Deoxyadenosine metabolism and cytotoxicity in cultured mouse T lymphoma cells: a model for immunodeficiency disease

Buddy Ullman, Lorraine J. Gudas, Amos Cohen, David W. Martin

Research output: Contribution to journalArticle

143 Citations (Scopus)

Abstract

The inherited absence of either adenosine deaminase (ADA) or purine nucleoside phosphorylase is associated with severe immunological impairment. We have developed a cell culture model using a mouse T cell lymphoma to simulate ADA deficiency and to study the relationship between purine salvage enzymes and immune function. 2′-deoxyadenosine triphosphate (deoxyATP) levels have been shown to be greatly elevated in erythrocytes of immunodeficient, ADA-deficient patients, suggesting that deoxyadenosine is the potentially toxic substrate in ADA deficiency. Using a potent ADA inhibitor, we have demonstrated that deoxyadenosine is growth-inhibitory and cytotoxic to S49 cells, and that deoxyATP accumulates in these cells. Cell variants, unable to transport or phosphorylate deoxyadenosine, are much less sensitive to deoxyadenosine, indicating that intracellular phosphorylation of deoxyadenosine is required for the lethal effects. We have partially reversed the cytotoxic effects of deoxyadenosine with deoxycytidine in wild-type cells, but we cannot show any reversal in cell lines lacking deoxycytidine kinase. Adenosine (ado) kinase-deficient cells are extremely resistant to deoxyadenosine in the presence of deoxycytidine. This deoxycytidine reversal of deoxyadenosine toxicity is consistent with an inhibition of ribonucleotide reductase by deoxyATP, and we have shown that incubation of S49 cells with deoxyadenosine markedly reduces intracellular levels of deoxyCTP, deoxyGTP and TTP. Kinetics data in wild-type cells and in cell variants are consistent with the presence of two deoxyadenosine-phosphorylating activities - one associated with ado kinase and another associated with deoxycytidine kinase. The S49 cells appear to be a valid model for the simulation of ADA deficiency in cell culture, and from our results, we can suggest administration of deoxycytidine as a pharmacological regimen to circumvent the clinicopathologic symptoms in ADA deficiency.

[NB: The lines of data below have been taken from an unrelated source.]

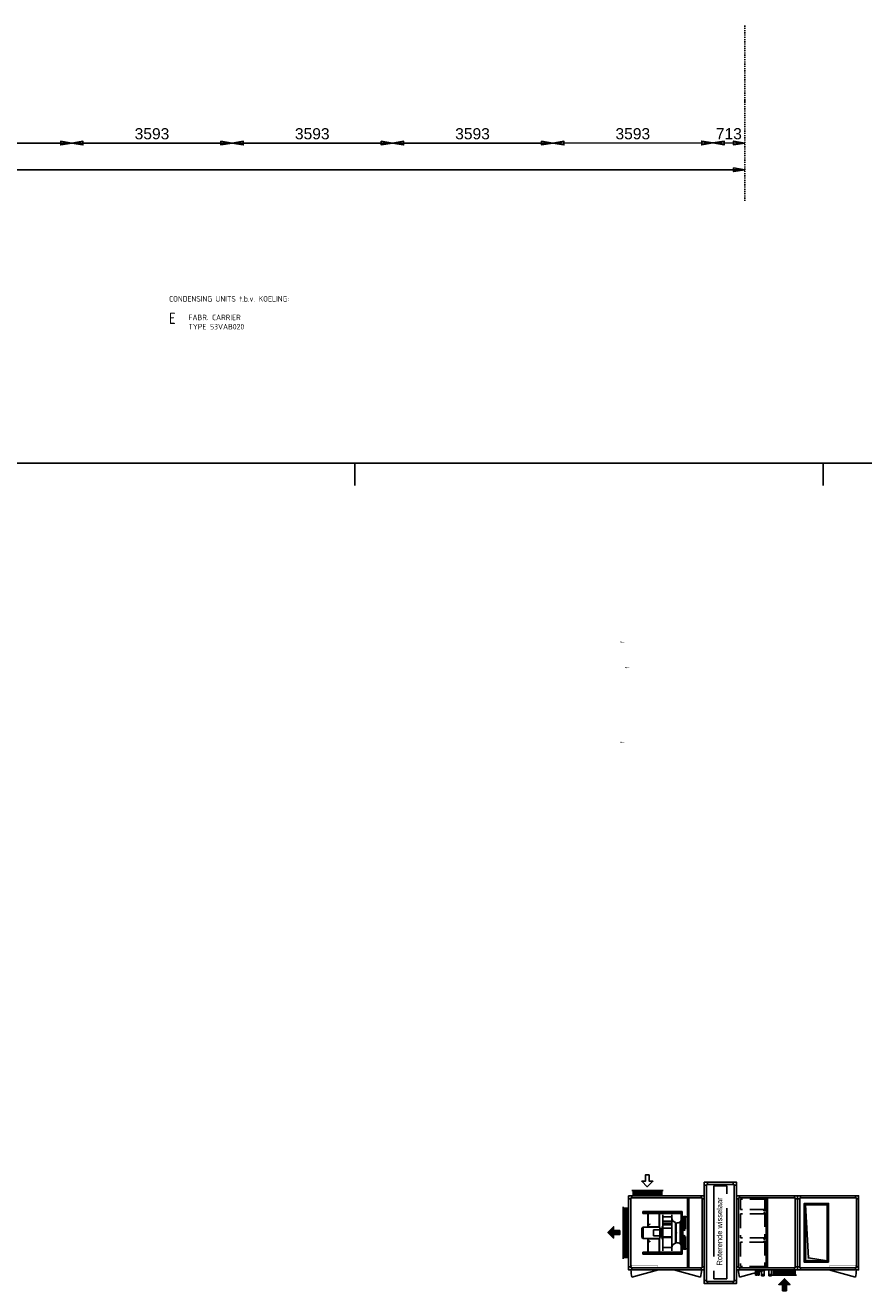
# Model space of a CAD drawing. Extents: x -156717 to 425753, y -51191 to 363295.
# Tile 343 of 502: x 97711 to 116505, y 153806 to 182183. Entities that reach past the tile are written whole.
import ezdxf
from ezdxf.enums import TextEntityAlignment as Align

# ---------------------------------------------------------------- set-up
doc = ezdxf.new("R2010")
doc.units = 0
doc.header["$LTSCALE"] = 50
for name, pattern in [('CACHE', [9.525, 6.35, -3.175]), ('DASHDOT', [1, 0.5, -0.25, 0, -0.25]), ('FANTOME', [63.5, 31.75, -6.35, 6.35, -6.35, 6.35, -6.35])]:
    doc.linetypes.add(name, pattern=pattern)
doc.layers.get('0').update_dxf_attribs({"linetype": 'CONTINUOUS'})
for name, color, linetype in [('01', 7, 'CONTINUOUS'), ('57LB', 4, 'CONTINUOUS'), ('BATTERIES', 2, 'CONTINUOUS'), ('HACHURES', 8, 'CONTINUOUS'), ('INTEROMPU', 1, 'CACHE'), ('KADER', 7, 'CONTINUOUS'), ('MAATVOERING', 1, 'CONTINUOUS'), ('MIXTE', 2, 'FANTOME'), ('TEXTE', 5, 'CONTINUOUS'), ('WM5448--', 1, 'CONTINUOUS')]:
    doc.layers.add(name, color=color, linetype=linetype)
doc.styles.add('BURO-018', font='ARIAL.TTF', dxfattribs={"height": 63})
doc.styles.add('ISO25', font='ISO', dxfattribs={"width": 0.9})
doc.styles.get("Standard").update_dxf_attribs({"font": 'ARIAL.TTF'})
doc.styles.add('texte', font='ARIAL.TTF', dxfattribs={"height": 80})

# ---------------------------------------------------------------- blocks, each defined once
blk = doc.blocks.new('KADERA0')
at = {"layer": 'KADER', "color": 4}
blk.add_line((25, 10), (1179, 10), dxfattribs=at)
at = {"layer": 'KADER', "color": 1}
for p, q in [((769, 0), (769, 10)), ((979, 0), (979, 10))]:
    blk.add_line(p, q, dxfattribs=at)
blk = doc.blocks.new('C5055')
at = {"layer": '01'}
for p, q in [((50, 1595), (0, 1595)), ((70, 1615), (70, 1665)), ((1625, 1615), (1625, 1665)), ((1645, 1595), (1695, 1595)), ((50, 70), (0, 70)), ((70, 50), (70, 0)), ((1625, 50), (1625, 0)), ((1645, 70), (1695, 70))]:
    blk.add_line(p, q, dxfattribs=at)
for points in [[(0, 0), (1695, 0), (1695, 1665), (0, 1665)], [(50, 50), (1645, 50), (1645, 1615), (50, 1615)]]:
    blk.add_lwpolyline(points, close=True, dxfattribs=at)
blk = doc.blocks.new('C5054')
at = {"layer": '01'}
for p, q in [((50, 1595), (0, 1595)), ((70, 1615), (70, 1665)), ((1300, 1615), (1300, 1665)), ((1320, 1595), (1370, 1595)), ((50, 70), (0, 70)), ((70, 50), (70, 0)), ((1300, 50), (1300, 0)), ((1320, 70), (1370, 70))]:
    blk.add_line(p, q, dxfattribs=at)
for points in [[(0, 0), (1370, 0), (1370, 1665), (0, 1665)], [(50, 50), (1320, 50), (1320, 1615), (50, 1615)]]:
    blk.add_lwpolyline(points, close=True, dxfattribs=at)
blk = doc.blocks.new('ms4851260', base_point=(52629, -4389))
for points in [[(52599, -4904), (53919, -4904), (53919, -4359), (52599, -4359)], [(52629, -4874), (53889, -4874), (53889, -4389), (52629, -4389)]]:
    blk.add_lwpolyline(points, close=True)
blk.add_lwpolyline([(52629, -4874), (52629, -4389), (53889, -4389), (52697, -4452), (52629, -4874)])
at = {"color": 9}
for centre in [(52614, -4374), (53904, -4374), (52614, -4889), (53904, -4889)]:
    blk.add_circle(centre, 5, dxfattribs=at)
blk = doc.blocks.new('garant1', base_point=(1930, -2))
at = {"const_width": 10}
blk.add_lwpolyline([(2526, 19), (2526, 50), (1951, 50), (1951, 19)], dxfattribs=at)
blk = doc.blocks.new('ms485', base_point=(6005, 30914))
h = blk.add_hatch()
h.set_pattern_fill('ANSI31', color=8, scale=200, style=0)
h.set_pattern_definition([(45, (-3347.933, 3665.516), (-17.67767, 17.67767), [])])
h.paths.add_polyline_path([(6035, 30429), (6095, 30429), (6095, 30914), (6035, 30914)])
at = {"color": 8}
blk.add_lwpolyline([(6035, 30914), (6095, 30914), (6095, 30429), (6035, 30429)], close=True, dxfattribs=at)
at = {"layer": '01'}
for points in [[(6005, 30944), (6005, 30914), (6125, 30914), (6125, 30944)], [(6005, 30399), (6005, 30429), (6125, 30429), (6125, 30399)]]:
    blk.add_lwpolyline(points, dxfattribs=at)
blk.add_lwpolyline([(6005, 30914), (6125, 30914), (6125, 30429), (6005, 30429)], close=True, dxfattribs=at)
blk = doc.blocks.new('r52', base_point=(-38379, -5322))
blk.add_lwpolyline([(-37759, -5322), (-37729, -5322), (-37729, -6887), (-37759, -6887)], close=True)
blk = doc.blocks.new('P2')
at = {"layer": 'INTEROMPU'}
for p, q in [((0, 295), (0, -295)), ((0, 295), (25, 295)), ((25, 295), (25, 270)), ((25, 270), (547, 270)), ((547, 270), (547, -270)), ((25, -270), (547, -270)), ((25, -270), (25, -295)), ((0, -295), (25, -295))]:
    blk.add_line(p, q, dxfattribs=at)
blk = doc.blocks.new('P1')
at = {"layer": 'INTEROMPU'}
for p, q in [((0, 144), (0, -143)), ((0, 144), (25, 144)), ((25, 144), (25, 119)), ((25, 119), (547, 119)), ((547, 119), (547, -118)), ((0, -143), (25, -143)), ((25, -118), (547, -118)), ((25, -118), (25, -143))]:
    blk.add_line(p, q, dxfattribs=at)
blk = doc.blocks.new('psb50')
at = {"layer": 'INTEROMPU'}
for points in [[(30, 783), (30, 753), (0, 753), (0, 783)], [(30, -751), (30, -781), (0, -781), (0, -751)]]:
    blk.add_lwpolyline(points, close=True, dxfattribs=at)
for name, p in [('P1', (29, 639)), ('P2', (29, 155)), ('P2', (31, -482))]:
    blk.add_blockref(name, p)
blk = doc.blocks.new('r51', base_point=(-38379, -5322))
blk.add_lwpolyline([(-38084, -5322), (-38054, -5322), (-38054, -6887), (-38084, -6887)], close=True)
blk = doc.blocks.new('msza71')
at = {"color": 9}
for p, q in [((3, 394), (0, 394)), ((0, 394), (0, -394)), ((3, 394), (3, -394)), ((15, 359), (3, 359)), ((27, 362), (27, 46)), ((53, 367), (53, 48)), ((77, 364), (77, 80)), ((105, 359), (117, 359)), ((117, 394), (120, 394)), ((120, 394), (120, -394)), ((27, -361), (27, -48)), ((53, -367), (53, -50)), ((77, -364), (77, -82)), ((0, -394), (3, -394)), ((15, -359), (3, -359)), ((105, -359), (117, -359)), ((117, -394), (120, -394))]:
    blk.add_line(p, q, dxfattribs=at)
at = {"color": 9, "linetype": 'Continuous'}
blk.add_line((120, 394), (120, -394), dxfattribs=at)
at = {"color": 9}
for points in [[(3, 359), (7, 363), (14, 370), (35, 349), (64, 379), (84, 355), (99, 358), (105, 359)], [(3, -359), (6, -363), (14, -370), (35, -349), (64, -379), (84, -355), (99, -358), (105, -359)]]:
    blk.add_open_spline(points, degree=3, knots=[20.648762, 20.648762, 20.648762, 20.648762, 21.016445, 55.850198, 85.193809, 110.811625, 128.598278, 128.598278, 128.598278, 128.598278], dxfattribs=at)
at = {"layer": '01'}
for p, q in [((15, -359), (15, 359)), ((117, 394), (117, -394)), ((117, -359), (117, 361))]:
    blk.add_line(p, q, dxfattribs=at)
blk = doc.blocks.new('er71c6dnh7h', base_point=(4799, -1013))
at = {"color": 9, "linetype": 'Continuous'}
for p, q in [((3794, -533), (4654, -533)), ((3794, -533), (3794, -583)), ((3794, -537), (3806, -537)), ((3794, -540), (4654, -540)), ((3806, -583), (3806, -533)), ((3847, -553), (3823, -553)), ((3823, -564), (3847, -564)), ((3900, -553), (3866, -553)), ((3866, -564), (3900, -564)), ((3920, -553), (3918, -553)), ((3918, -564), (3920, -564)), ((4160, -541), (3920, -541)), ((3920, -541), (3920, -584)), ((3943, -553), (3938, -553)), ((3938, -564), (3943, -564)), ((4143, -553), (4138, -553)), ((4138, -564), (4143, -564)), ((4160, -541), (4160, -584)), ((4162, -553), (4160, -553)), ((4160, -564), (4162, -564)), ((4215, -553), (4181, -553)), ((4181, -564), (4215, -564)), ((4267, -553), (4233, -553)), ((4233, -564), (4267, -564)), ((4320, -553), (4286, -553)), ((4286, -564), (4320, -564)), ((4372, -553), (4338, -553)), ((4338, -564), (4372, -564)), ((4425, -553), (4391, -553)), ((4391, -564), (4425, -564)), ((4603, -566), (4433, -566)), ((4433, -576), (4433, -566)), ((4436, -541), (4641, -541)), ((4436, -541), (4436, -566)), ((4475, -553), (4471, -553)), ((4471, -564), (4475, -564)), ((4601, -569), (4600, -566)), ((4604, -569), (4603, -566)), ((4611, -553), (4607, -553)), ((4607, -564), (4611, -564)), ((4641, -578), (4641, -533)), ((4641, -537), (4654, -537)), ((4645, -552), (4651, -552)), ((4645, -564), (4645, -552)), ((4645, -564), (4645, -552)), ((4645, -564), (4651, -564)), ((4651, -541), (4654, -541)), ((4651, -541), (4651, -576)), ((4651, -551), (4654, -551)), ((4654, -533), (4654, -1493)), ((4657, -533), (4679, -533)), ((4657, -535), (4657, -533)), ((4657, -535), (4679, -535)), ((4657, -535), (4657, -1491)), ((4679, -533), (4679, -1493)), ((3794, -576), (3920, -576)), ((3806, -579), (3794, -579)), ((3920, -583), (3794, -583)), ((3799, -579), (3799, -583)), ((3910, -884), (3910, -593)), ((4160, -577), (3920, -577)), ((4160, -580), (3920, -580)), ((3920, -873), (3920, -584)), ((3926, -814), (3926, -819)), ((4160, -576), (4433, -576)), ((4654, -583), (4160, -583)), ((4160, -584), (4160, -873)), ((4170, -593), (4170, -878)), ((4244, -608), (4248, -608)), ((4244, -1419), (4244, -608)), ((4248, -1419), (4248, -608)), ((4248, -653), (4444, -653)), ((4248, -657), (4444, -657)), ((4248, -748), (4444, -748)), ((4248, -797), (4444, -797)), ((4248, -800), (4444, -800)), ((4248, -831), (4444, -831)), ((4601, -576), (4433, -576)), ((4648, -581), (4436, -581)), ((4444, -608), (4447, -608)), ((4444, -608), (4444, -1419)), ((4447, -608), (4447, -1419)), ((4532, -782), (4532, -1244)), ((4548, -1007), (4548, -792)), ((4604, -569), (4601, -569)), ((4601, -576), (4601, -569)), ((4604, -576), (4601, -576)), ((4604, -576), (4604, -569)), ((4604, -576), (4641, -576)), ((4606, -578), (4648, -578)), ((4606, -578), (4606, -581)), ((4631, -768), (4631, -1258)), ((4641, -576), (4651, -576)), ((4641, -583), (4641, -581)), ((4648, -581), (4648, -578)), ((4649, -583), (4649, -581)), ((4654, -576), (4651, -576)), ((4653, -579), (4654, -579)), ((4654, -576), (4654, -576)), ((3775, -910), (3801, -884)), ((3775, -1116), (3775, -910)), ((3775, -1116), (3801, -1142)), ((3801, -1142), (3801, -884)), ((3801, -884), (4179, -884)), ((3915, -879), (3910, -878)), ((3910, -879), (3915, -879)), ((3910, -883), (3915, -883)), ((3915, -884), (3915, -879)), ((3919, -876), (3917, -872)), ((3919, -882), (3919, -884)), ((4143, -882), (3919, -882)), ((3920, -882), (3920, -873)), ((4160, -875), (3920, -875)), ((3965, -884), (3965, -882)), ((4038, -943), (4038, -1083)), ((4178, -943), (4038, -943)), ((4038, -1083), (4178, -1083)), ((4095, -884), (4095, -882)), ((4143, -884), (4143, -882)), ((4160, -883), (4143, -883)), ((4160, -873), (4160, -884)), ((4162, -876), (4164, -872)), ((4165, -879), (4170, -878)), ((4170, -879), (4165, -879)), ((4165, -879), (4165, -884)), ((4170, -883), (4165, -883)), ((4170, -879), (4170, -884)), ((4178, -1083), (4178, -943)), ((4179, -884), (4179, -1142)), ((4179, -910), (4195, -910)), ((4179, -1116), (4195, -1116)), ((4195, -910), (4195, -1116)), ((4195, -949), (4203, -949)), ((4195, -1078), (4203, -1078)), ((4203, -949), (4203, -1078)), ((4203, -992), (4208, -992)), ((4203, -1035), (4208, -1035)), ((4208, -992), (4208, -1035)), ((4208, -994), (4219, -994)), ((4208, -1032), (4219, -1032)), ((4219, -1008), (4218, -1008)), ((4218, -1018), (4219, -1018)), ((4219, -951), (4231, -951)), ((4219, -951), (4219, -1076)), ((4219, -1076), (4231, -1076)), ((4231, -951), (4231, -1076)), ((4234, -873), (4244, -873)), ((4234, -873), (4234, -1153)), ((4248, -904), (4249, -904)), ((4248, -911), (4444, -911)), ((4248, -1104), (4444, -1104)), ((4248, -1114), (4444, -1114)), ((4249, -911), (4249, -904)), ((4249, -1104), (4249, -1114)), ((4547, -1008), (4543, -1011)), ((4543, -1011), (4543, -1015)), ((4543, -1015), (4547, -1018)), ((4551, -1011), (4547, -1008)), ((4547, -1018), (4551, -1015)), ((4548, -1011), (4548, -1015)), ((4548, -1019), (4548, -1234)), ((4551, -1015), (4551, -1011)), ((4654, -1013), (4654, -1012)), ((4654, -1013), (4654, -1014)), ((3801, -1142), (4179, -1142)), ((3910, -1142), (3910, -1433)), ((3910, -1143), (3915, -1143)), ((3915, -1147), (3910, -1148)), ((3910, -1147), (3915, -1147)), ((3915, -1142), (3915, -1147)), ((3919, -1151), (3917, -1154)), ((3919, -1142), (3919, -1144)), ((4143, -1144), (3919, -1144)), ((3920, -1144), (3920, -1153)), ((4160, -1151), (3920, -1151)), ((3920, -1153), (3920, -1442)), ((3926, -1207), (3926, -1212)), ((3965, -1144), (3965, -1142)), ((4095, -1144), (4095, -1142)), ((4143, -1144), (4143, -1142)), ((4160, -1144), (4143, -1144)), ((4160, -1142), (4160, -1153)), ((4160, -1153), (4160, -1442)), ((4162, -1151), (4164, -1154)), ((4165, -1142), (4165, -1147)), ((4170, -1143), (4165, -1143)), ((4170, -1147), (4165, -1147)), ((4165, -1147), (4170, -1148)), ((4170, -1142), (4170, -1433)), ((4234, -1153), (4244, -1153)), ((4244, -1419), (4248, -1419)), ((4248, -1342), (4444, -1342)), ((4444, -1419), (4447, -1419)), ((3794, -1493), (3794, -1443)), ((3920, -1443), (3794, -1443)), ((3806, -1447), (3794, -1447)), ((3920, -1450), (3794, -1450)), ((4654, -1486), (3794, -1486)), ((3806, -1489), (3794, -1489)), ((4654, -1493), (3794, -1493)), ((3799, -1443), (3799, -1447)), ((3806, -1443), (3806, -1493)), ((3847, -1463), (3823, -1463)), ((3823, -1474), (3847, -1474)), ((3900, -1463), (3866, -1463)), ((3866, -1474), (3900, -1474)), ((3920, -1463), (3918, -1463)), ((3918, -1474), (3920, -1474)), ((3920, -1442), (3920, -1485)), ((4160, -1446), (3920, -1446)), ((4160, -1450), (3920, -1450)), ((4160, -1485), (3920, -1485)), ((3943, -1463), (3938, -1463)), ((3938, -1474), (3943, -1474)), ((4143, -1463), (4138, -1463)), ((4138, -1474), (4143, -1474)), ((4160, -1442), (4160, -1485)), ((4654, -1443), (4160, -1443)), ((4433, -1450), (4160, -1450)), ((4162, -1463), (4160, -1463)), ((4160, -1474), (4162, -1474)), ((4215, -1463), (4181, -1463)), ((4181, -1474), (4215, -1474)), ((4267, -1463), (4233, -1463)), ((4233, -1474), (4267, -1474)), ((4320, -1463), (4286, -1463)), ((4286, -1474), (4320, -1474)), ((4372, -1463), (4338, -1463)), ((4338, -1474), (4372, -1474)), ((4425, -1463), (4391, -1463)), ((4391, -1474), (4425, -1474)), ((4433, -1451), (4433, -1460)), ((4601, -1451), (4433, -1451)), ((4603, -1460), (4433, -1460)), ((4648, -1445), (4436, -1445)), ((4436, -1485), (4436, -1460)), ((4436, -1485), (4641, -1485)), ((4475, -1463), (4471, -1463)), ((4471, -1474), (4475, -1474)), ((4601, -1457), (4600, -1460)), ((4601, -1451), (4601, -1457)), ((4604, -1451), (4601, -1451)), ((4604, -1457), (4601, -1457)), ((4604, -1457), (4603, -1460)), ((4604, -1451), (4604, -1457)), ((4604, -1451), (4641, -1451)), ((4606, -1448), (4606, -1445)), ((4606, -1448), (4648, -1448)), ((4611, -1463), (4607, -1463)), ((4607, -1474), (4611, -1474)), ((4641, -1443), (4641, -1445)), ((4641, -1448), (4641, -1493)), ((4651, -1450), (4641, -1450)), ((4654, -1489), (4641, -1489)), ((4645, -1474), (4645, -1462)), ((4645, -1474), (4645, -1462)), ((4645, -1462), (4651, -1462)), ((4645, -1474), (4651, -1474)), ((4648, -1445), (4648, -1448)), ((4649, -1445), (4649, -1443)), ((4654, -1451), (4651, -1451)), ((4651, -1451), (4651, -1485)), ((4651, -1475), (4654, -1475)), ((4651, -1485), (4654, -1485)), ((4654, -1447), (4653, -1447)), ((4657, -1491), (4657, -1493)), ((4657, -1491), (4679, -1491)), ((4657, -1493), (4679, -1493))]:
    blk.add_line(p, q, dxfattribs=at)
for centre, radius in [((3940, -558), 6), ((3960, -558), 6), ((4120, -558), 6), ((4140, -558), 6), ((4473, -558), 6), ((4609, -558), 6), ((4547, -1013), 6.1), ((4547, -1013), 5.1), ((4547, -1013), 2.35), ((4547, -1013), 1.9), ((4547, -1013), 1.65), ((3940, -1468), 6), ((3960, -1468), 6), ((4120, -1468), 6), ((4140, -1468), 6), ((4473, -1468), 6), ((4609, -1468), 6)]:
    blk.add_circle(centre, radius, dxfattribs=at)
for centre, radius, start, end in [((3823, -558), 5.5, 90, 270), ((3847, -558), 5.5, 270, 90), ((3866, -558), 5.5, 90, 270), ((3900, -558), 5.5, 270, 90), ((3918, -558), 5.5, 90, 270), ((4162, -558), 5.5, 270, 90), ((4181, -558), 5.5, 90, 270), ((4215, -558), 5.5, 270, 90), ((4233, -558), 5.5, 90, 270), ((4267, -558), 5.5, 270, 90), ((4286, -558), 5.5, 90, 270), ((4320, -558), 5.5, 270, 90), ((4338, -558), 5.5, 90, 270), ((4372, -558), 5.5, 270, 90), ((4391, -558), 5.5, 90, 270), ((4425, -558), 5.5, 270, 90), ((4645, -552), 0.5, 90, 180), ((4645, -564), 0.5, 180, 270), ((4657, -537), 3.6, 90, 180), ((4657, -537), 1.6, 90, 121.2484), ((4552, -679), 105, 180, 258.858), ((4548, -696), 96.8, 260.6364, 270.0447), ((4548, -638), 155, 270.0447, 302.7729), ((4605, -726), 49.3, 302.7729, 0), ((4648, -576), 5.5, 270, 0), ((4648, -576), 2.5, 270, 0), ((4218, -1013), 5, 90, 270), ((4231, -948), 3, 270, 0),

Original languageEnglish (US)
Pages (from-to)365-375
Number of pages11
JournalCell
Volume14
Issue number2
DOIs
StatePublished - 1978

Fingerprint

T-Cell Lymphoma
Cytotoxicity
Metabolism
Adenosine Deaminase
Deoxycytidine
Deoxycytidine Kinase
Adenosine Kinase
Cell culture
2'-deoxyadenosine
Cell Culture Techniques
Adenosine Deaminase Inhibitors
Purine-Nucleoside Phosphorylase
Ribonucleotide Reductases
Salvaging
Phosphorylation
T-cells
Poisons
Toxicity
Erythrocytes
Cells

ASJC Scopus subject areas

  • Cell Biology
  • Molecular Biology
  • Medicine(all)

Cite this

Deoxyadenosine metabolism and cytotoxicity in cultured mouse T lymphoma cells : a model for immunodeficiency disease. / Ullman, Buddy; Gudas, Lorraine J.; Cohen, Amos; Martin, David W.

In: Cell, Vol. 14, No. 2, 1978, p. 365-375.

Research output: Contribution to journalArticle

Ullman, Buddy ; Gudas, Lorraine J. ; Cohen, Amos ; Martin, David W. / Deoxyadenosine metabolism and cytotoxicity in cultured mouse T lymphoma cells : a model for immunodeficiency disease. In: Cell. 1978 ; Vol. 14, No. 2. pp. 365-375.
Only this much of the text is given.